Gdzie jesteś » Forum » Projektowanie ogrodów » Kiedyś będzie tu ogród

Pokaż wątki Pokaż posty

Kiedyś będzie tu ogród

Mala_Mi 10:52, 02 lut 2015


Dołączył: 13 sty 2012
Posty: 50484
Wymienione klony mogą być bardziej kapryśne i mniej odporne od Atropurpureum.


"po co znowu siedzisz w tym zielsku, ja i tak to wszystko sprzedam...".


u mnie też nikt nie zaopiekuje się ogrodem jak mnie braknie.. robię go dla siebie..
____________________
Ogród Małej Mi - sezon 2017 / Sezon 2016 / Sezon 2015 / Część II / Część I / Wizytówka / Zlot-2014 / Zlot-2012 Mózg to nie mydło; nie ubędzie go, gdy się go użyje.
ewsyg 18:53, 02 lut 2015


Dołączył: 17 maj 2013
Posty: 11654
Aniu, pokaż swoje różyczki liliputki

Wkleję Ci coco na poprawę nastroju



____________________
Ewa Pachnący różami, malowany bylinami, Skąpana w słońcu****
anka_ 20:58, 02 lut 2015


Dołączył: 24 sty 2012
Posty: 5340
Agania napisał(a)
Wstawię ci fotki z Schiraswą u mnie....to może się w końcu zdecydujesz
Agatko fotki oczywiście z ogromną przyjemnością obejrzę.

Kasya napisał(a)
Przeczytalam początek i serdecznie wspołczuje takich gosci chociaz w innych okolicznosciach to bylaby sama radosc
Chyba ogrodzenie albo jakies zasieki konieczne bo szkoda pracy i pieniedzy

Ale teren taki ze mozna poszalec i kiedys bedziesz miala bajeczny ogrod

Chociaz czasem i przy mojej ciasnocie wydaje mi sie ze za duzo jak trzeba przekopac albo wypielic...
Kasiu ogrodzenie to niestety u mnie konieczność i pomalutku nad tym pracujemy, ale tych metrów trochę jest.

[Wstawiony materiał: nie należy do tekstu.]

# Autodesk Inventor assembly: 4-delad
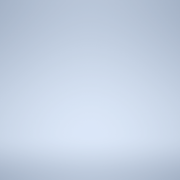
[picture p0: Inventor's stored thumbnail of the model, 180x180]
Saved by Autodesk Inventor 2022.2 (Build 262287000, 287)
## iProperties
RuleStatus: InUse
Created: 2019-06
Part Number: 4-delad
Document SubType Name: Assembly
Designer: cl
Daghöjd: 4000,000 mm
BladBredd: 987,500 mm
Fönsterbredd: 480,000 mm
Fönsterhöjd: 862,000 mm
Brösthöjd: 1070,000 mm
DagBredd: 4000,000 mm
AntalBlad: 4,000 ul
Blad2: 1012,500 mm
Blad3: 0,000 mm
Blad4: 0,000 mm
Blad5: 1012,500 mm
Blad6: 2025,000 mm
MGJ2Djup: 0,000 mm
MGJ2Bredd: 5012,500 mm
MGJ12Djup: 0,000 mm
MGJ12Bredd: 0,000 mm
MGJ56Djup: 0,000 mm
MGJ56Bredd: 0,000 mm
MGJ23Djup: 48,000 mm
MGJ23Bredd: 100,000 mm
MGJ45Djup: 48,000 mm
MGJ45Bredd: 100,000 mm
GarageRegel5: 0,000 mm
GarageRegel6: 0,000 mm
StyrskenaV: 4150,000 mm
Styrrulle2Höjd: 10,000 mm
Styrrulle2Djup: 0,000 mm
FönsterhöjdStyrning: 862,000 mm
BrösthöjdStyrning: 1070,000 mm
FönsterKarm: 54,000 mm
AndraGlasraden: 0,000 mm
BrösthöjdStyrning2: 0,000 mm
InfälldGångDörr: 0,000 ul
Infälldstyr: 845,833 mm
GångjärnHöjd: 2500,000 mm
EnDelGångDörr: 0,000 ul
VinkelJärnStyrSkena: 1456,250 mm
Author: cl
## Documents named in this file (1)
- G:\AutoCad\Carl Lund\3D-modeller systemlösningar\3D-modell-systemlösning-2022\Styrande.iam
## Named parameters: Fönsterhöjd = 862 mm, Blad2 = 1012.5 mm, Blad3 = 0, Blad4 = 0, Blad5 = 1012.5 mm, Blad6 = 2025 mm, MGJ12Djup = 0, MGJ12Bredd = 0, MGJ2Djup = 0, MGJ2Bredd = 5012.5 mm, MGJ56Djup = 0, MGJ56Bredd = 0, MGJ23Djup = 48 mm, MGJ45Djup = 48 mm, GarageRegel5 = 0, GarageRegel6 = 0, Styrrulle2Djup = 0, FönsterhöjdStyrning = 862 mm, FönsterKarm = 54 mm, AndraGlasraden = 0, BrösthöjdStyrning2 = 0.0001 mm, InfälldGångDörr = 0, Infälldstyr = 845.83333 mm, EnDelGångDörr = 0, VinkelJärnStyrSkena = 1456.25 mm
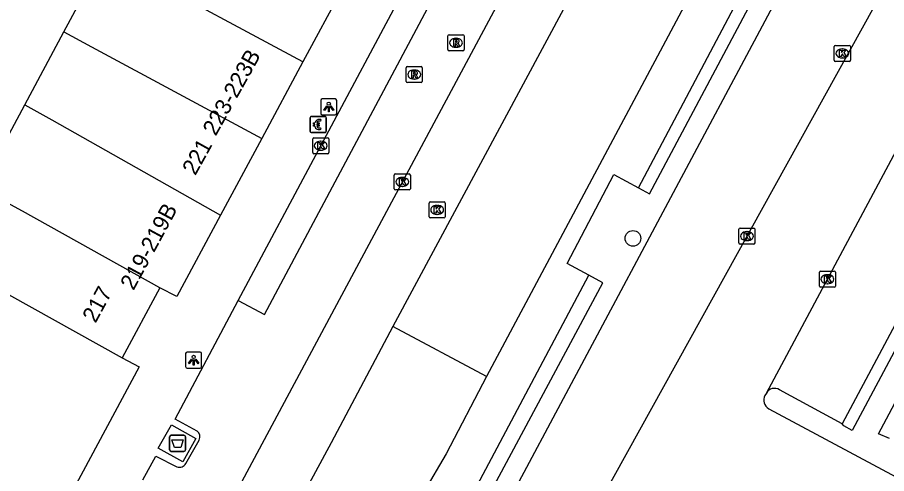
# Model space of a CAD drawing. Extents: x 159489 to 160304, y 383826 to 384530.
# Drawn here: x 159796 to 159850, y 384031.5 to 384059.8 of the extents above; entities that cross this region are included whole.
import ezdxf

# ---------------------------------------------------------------- set-up
doc = ezdxf.new("R2010")
doc.units = 0
for name, color, linetype in [('IMGEO_Afval_apart_plaats', 7, 'Continuous'), ('IMGEO_Betaalautomaat', 7, 'Continuous'), ('IMGEO_Boom', 7, 'Continuous'), ('IMGEO_Haag', 7, 'Continuous'), ('IMGEO_Kolk', 7, 'Continuous'), ('IMGEO_Lichtpunt', 7, 'Continuous'), ('IMGEO_OVBaan_gesloten', 7, 'Continuous'), ('IMGEO_Pand', 7, 'Continuous'), ('IMGEO_Pand_nummerreeks', 7, 'Continuous'), ('IMGEO_Parkeervlak_open', 7, 'Continuous'), ('IMGEO_Rijbaan_lokaal_gesloten', 7, 'Continuous'), ('IMGEO_Rijbaan_lokaal_open', 7, 'Continuous'), ('IMGEO_Rioolput', 7, 'Continuous'), ('IMGEO_Voetpad_gesloten', 7, 'Continuous'), ('IMGEO_Voetpad_open', 7, 'Continuous')]:
    doc.layers.add(name, color=color, linetype=linetype)

msp = doc.modelspace()

# ---------------------------------------------------------------- linework, layer by layer
at = {"layer": 'IMGEO_Afval_apart_plaats'}
for p, q in [((159805.424, 384032.955), (159805.424, 384033.755)), ((159805.424, 384033.755), (159805.424, 384032.955)), ((159805.524, 384033.855), (159806.314, 384033.855)), ((159806.314, 384033.855), (159805.524, 384033.855)), ((159806.414, 384033.755), (159806.414, 384032.955)), ((159806.414, 384032.955), (159806.414, 384033.755)), ((159806.314, 384032.855), (159805.524, 384032.855)), ((159805.524, 384032.855), (159806.314, 384032.855))]:
    msp.add_line(p, q, dxfattribs=at)
msp.add_lwpolyline([(159805.567, 384033.569), (159806.271, 384033.569), (159806.122, 384033.099), (159805.716, 384033.099), (159805.567, 384033.569)], dxfattribs=at)
for centre, start, end in [((159805.524, 384033.755), 90, 180), ((159805.524, 384033.755), 90, 180), ((159806.314, 384033.755), 0, 90), ((159806.314, 384033.755), 360, 90), ((159805.524, 384032.955), 180, 270), ((159805.524, 384032.955), 180, 270), ((159806.314, 384032.955), 270, 0), ((159806.314, 384032.955), 270, 0)]:
    msp.add_arc(centre, 0.1, start, end, dxfattribs=at)
at = {"layer": 'IMGEO_Betaalautomaat'}
for p, q in [((159814.162, 384052.733), (159814.162, 384053.574)), ((159814.162, 384053.574), (159814.162, 384052.733)), ((159814.237, 384053.657), (159815.078, 384053.657)), ((159815.078, 384053.657), (159814.237, 384053.657)), ((159814.824, 384053.462), (159814.807, 384053.362)), ((159815.161, 384053.583), (159815.161, 384052.742)), ((159815.161, 384052.742), (159815.161, 384053.583)), ((159814.445, 384053.121), (159814.445, 384053.189)), ((159814.566, 384053.189), (159814.566, 384053.121)), ((159814.811, 384052.956), (159814.833, 384052.869)), ((159815.087, 384052.658), (159814.246, 384052.658)), ((159814.246, 384052.658), (159815.087, 384052.658))]:
    msp.add_line(p, q, dxfattribs=at)
for points in [[(159814.445, 384053.189), (159814.376, 384053.189), (159814.376, 384053.258), (159814.455, 384053.258)], [(159814.45, 384053.052), (159814.376, 384053.052), (159814.376, 384053.121), (159814.445, 384053.121)], [(159814.577, 384053.258), (159814.724, 384053.258), (159814.724, 384053.189), (159814.566, 384053.189)], [(159814.566, 384053.121), (159814.724, 384053.121), (159814.724, 384053.052), (159814.58, 384053.052)]]:
    msp.add_lwpolyline(points, dxfattribs=at)
for centre, radius, start, end in [((159814.24, 384053.58), 0.0779, 92.4484, 184.2845), ((159814.24, 384053.58), 0.0779, 92.4484, 184.2845), ((159814.738, 384053.182), 0.293, 73.014, 165.0139), ((159814.744, 384053.195), 0.179, 69.3236, 159.5683), ((159815.084, 384053.58), 0.0779, 2.4484, 94.2845), ((159815.084, 384053.58), 0.0779, 2.4484, 94.2845), ((159814.711, 384053.107), 0.267, 191.8096, 297.0389), ((159814.744, 384053.122), 0.179, 202.7625, 291.8693), ((159814.24, 384052.736), 0.0779, 182.4484, 274.2845), ((159814.24, 384052.736), 0.0779, 182.4484, 274.2845), ((159815.084, 384052.736), 0.0779, 272.4484, 4.2845), ((159815.084, 384052.736), 0.0779, 272.4484, 4.2845)]:
    msp.add_arc(centre, radius, start, end, dxfattribs=at)
at = {"layer": 'IMGEO_Boom'}
msp.add_circle((159834.227, 384046.085), 0.489, dxfattribs=at)
at = {"layer": 'IMGEO_Haag'}
for points in [[(159834.573, 384049.218), (159855.048, 384087.89)], [(159868.118, 384073.693), (159868.262, 384073.615), (159868.311, 384073.703), (159868.832, 384073.417), (159847.849, 384034.159), (159847.33, 384034.432), (159847.224, 384034.568)], [(159850.179, 384033.662), (159849.485, 384033.948), (159870.159, 384072.714), (159870.692, 384072.419), (159870.643, 384072.32), (159870.785, 384072.243)], [(159814.597, 384012.024), (159831.482, 384043.804)]]:
    msp.add_lwpolyline(points, dxfattribs=at)
at = {"layer": 'IMGEO_Kolk'}
for p, q in [((159846.742, 384057.151), (159846.742, 384058.003)), ((159846.817, 384058.077), (159847.669, 384058.077)), ((159847.23, 384057.857), (159847.255, 384057.857)), ((159847.743, 384058.003), (159847.743, 384057.151)), ((159847.253, 384057.297), (159847.228, 384057.297)), ((159847.669, 384057.077), (159846.817, 384057.077)), ((159814.392, 384052.341), (159815.244, 384052.341)), ((159814.317, 384051.415), (159814.317, 384052.267)), ((159814.805, 384052.121), (159814.83, 384052.121)), ((159815.318, 384052.267), (159815.318, 384051.415)), ((159815.244, 384051.341), (159814.392, 384051.341)), ((159814.828, 384051.561), (159814.803, 384051.561)), ((159819.387, 384049.169), (159819.387, 384050.021)), ((159819.462, 384050.095), (159820.314, 384050.095)), ((159819.875, 384049.875), (159819.9, 384049.875)), ((159820.388, 384050.021), (159820.388, 384049.169)), ((159820.314, 384049.095), (159819.462, 384049.095)), ((159819.898, 384049.315), (159819.873, 384049.315)), ((159821.553, 384047.43), (159821.553, 384048.282)), ((159821.628, 384048.356), (159822.48, 384048.356)), ((159822.041, 384048.136), (159822.066, 384048.136)), ((159822.554, 384048.282), (159822.554, 384047.43)), ((159822.064, 384047.576), (159822.039, 384047.576)), ((159822.48, 384047.356), (159821.628, 384047.356)), ((159840.813, 384045.8), (159840.813, 384046.652)), ((159840.888, 384046.726), (159841.74, 384046.726)), ((159841.301, 384046.506), (159841.326, 384046.506)), ((159841.814, 384046.652), (159841.814, 384045.8)), ((159841.324, 384045.946), (159841.299, 384045.946)), ((159841.74, 384045.726), (159840.888, 384045.726)), ((159845.815, 384043.125), (159845.815, 384043.977)), ((159845.89, 384044.051), (159846.742, 384044.051)), ((159846.303, 384043.831), (159846.328, 384043.831)), ((159846.816, 384043.977), (159846.816, 384043.125)), ((159846.326, 384043.271), (159846.301, 384043.271)), ((159846.742, 384043.051), (159845.89, 384043.051))]:
    msp.add_line(p, q, dxfattribs=at)
for points in [[(159846.742, 384057.151), (159846.742, 384058.003)], [(159846.817, 384058.077), (159847.669, 384058.077)], [(159847.063, 384057.777), (159847.186, 384057.777), (159847.186, 384057.626), (159847.316, 384057.777), (159847.48, 384057.777), (159847.334, 384057.626), (159847.487, 384057.377), (159847.335, 384057.377), (159847.25, 384057.541), (159847.186, 384057.474), (159847.186, 384057.377), (159847.063, 384057.377), (159847.063, 384057.777)], [(159847.743, 384058.003), (159847.743, 384057.151)], [(159847.669, 384057.077), (159846.817, 384057.077)], [(159814.392, 384052.341), (159815.244, 384052.341)], [(159814.317, 384051.415), (159814.317, 384052.267)], [(159814.638, 384052.041), (159814.761, 384052.041), (159814.761, 384051.89), (159814.891, 384052.041), (159815.055, 384052.041), (159814.909, 384051.89), (159815.062, 384051.641), (159814.91, 384051.641), (159814.825, 384051.805), (159814.761, 384051.738), (159814.761, 384051.641), (159814.638, 384051.641), (159814.638, 384052.041)], [(159815.318, 384052.267), (159815.318, 384051.415)], [(159815.244, 384051.341), (159814.392, 384051.341)], [(159819.387, 384049.169), (159819.387, 384050.021)], [(159819.462, 384050.095), (159820.314, 384050.095)], [(159819.708, 384049.795), (159819.831, 384049.795), (159819.831, 384049.644), (159819.961, 384049.795), (159820.125, 384049.795), (159819.979, 384049.644), (159820.132, 384049.395), (159819.98, 384049.395), (159819.895, 384049.559), (159819.831, 384049.492), (159819.831, 384049.395), (159819.708, 384049.395), (159819.708, 384049.795)], [(159820.388, 384050.021), (159820.388, 384049.169)], [(159820.314, 384049.095), (159819.462, 384049.095)], [(159821.553, 384047.43), (159821.553, 384048.282)], [(159821.628, 384048.356), (159822.48, 384048.356)], [(159821.874, 384048.056), (159821.997, 384048.056), (159821.997, 384047.905), (159822.127, 384048.056), (159822.291, 384048.056), (159822.145, 384047.905), (159822.298, 384047.656), (159822.146, 384047.656), (159822.061, 384047.82), (159821.997, 384047.753), (159821.997, 384047.656), (159821.874, 384047.656), (159821.874, 384048.056)], [(159822.554, 384048.282), (159822.554, 384047.43)], [(159822.48, 384047.356), (159821.628, 384047.356)], [(159840.813, 384045.8), (159840.813, 384046.652)], [(159840.888, 384046.726), (159841.74, 384046.726)], [(159841.134, 384046.426), (159841.257, 384046.426), (159841.257, 384046.275), (159841.387, 384046.426), (159841.551, 384046.426), (159841.405, 384046.275), (159841.558, 384046.026), (159841.406, 384046.026), (159841.321, 384046.19), (159841.257, 384046.123), (159841.257, 384046.026), (159841.134, 384046.026), (159841.134, 384046.426)], [(159841.814, 384046.652), (159841.814, 384045.8)], [(159841.74, 384045.726), (159840.888, 384045.726)], [(159845.815, 384043.125), (159845.815, 384043.977)], [(159845.89, 384044.051), (159846.742, 384044.051)], [(159846.136, 384043.751), (159846.259, 384043.751), (159846.259, 384043.6), (159846.389, 384043.751), (159846.553, 384043.751), (159846.407, 384043.6), (159846.56, 384043.351), (159846.408, 384043.351), (159846.323, 384043.515), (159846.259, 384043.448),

W moim przypadku duży teren to jednocześnie ogromna zaleta ale i niestety wielkie utrudnienie. Ale mam ogromną nadzieję, że małymi kroczkami....

Mala_Mi napisał(a)
Wymienione klony mogą być bardziej kapryśne i mniej odporne od Atropurpureum.
Aniu przy wyborze po części sugerowałam się strefą mrozoodporności, choć zdaję sobie sprawę że pewniaki to nie są.

Mala_Mi napisał(a)
u mnie też nikt nie zaopiekuje się ogrodem jak mnie braknie.. robię go dla siebie..
Aniu ja też robię dla siebie. Tylko czasami jak nachodzi chandra to człek ma dosyć tej samotnej walki z wiatrakami. Chwilowo.
____________________
Anka Kiedyś będzie tu ogród "Będziesz mieć w życiu ciężkie chwile, ale to one własnie zawsze są tym, co pozwala otworzyć oczy na znaczące rzeczy w twym życiu, których wcześniej nie mogłeś dostrzec" Robin Williams
anka_ 21:07, 02 lut 2015


Dołączył: 24 sty 2012
Posty: 5340
Ewo za zdjęcie serdecznie ci dziękuję. Cudowna jest ta różyczka. Niestety nie była dostępna jak zamawiałam swoje liliputy.
ewsyg napisał(a)
Aniu, pokaż swoje różyczki liliputki
Ewo ja mam trzy różyczki z serii Lilliputs®, uwielbiam te maluszki. Niewielkie, kompaktowe krzaczki, cały sezon obsypane kwieciem.
CHARMANT


LUPO


ROXY
____________________
Anka Kiedyś będzie tu ogród "Będziesz mieć w życiu ciężkie chwile, ale to one własnie zawsze są tym, co pozwala otworzyć oczy na znaczące rzeczy w twym życiu, których wcześniej nie mogłeś dostrzec" Robin Williams
ewsyg 21:32, 02 lut 2015


Dołączył: 17 maj 2013
Posty: 11654
A ja zimują? w gruncie ? Kwitną całe lato ?
____________________
Ewa Pachnący różami, malowany bylinami, Skąpana w słońcu****
anka_ 08:09, 03 lut 2015


Dołączył: 24 sty 2012
Posty: 5340
Ewo te piękności normalnie zimują w gruncie. Kwitły od połowy czerwca do mrozów. A ile pąków zmarzło.... Ponieważ miałam dość długo unieruchomioną rękę, więc nie obrywałam przekwitłych kwiatów za to miałam takie widoki.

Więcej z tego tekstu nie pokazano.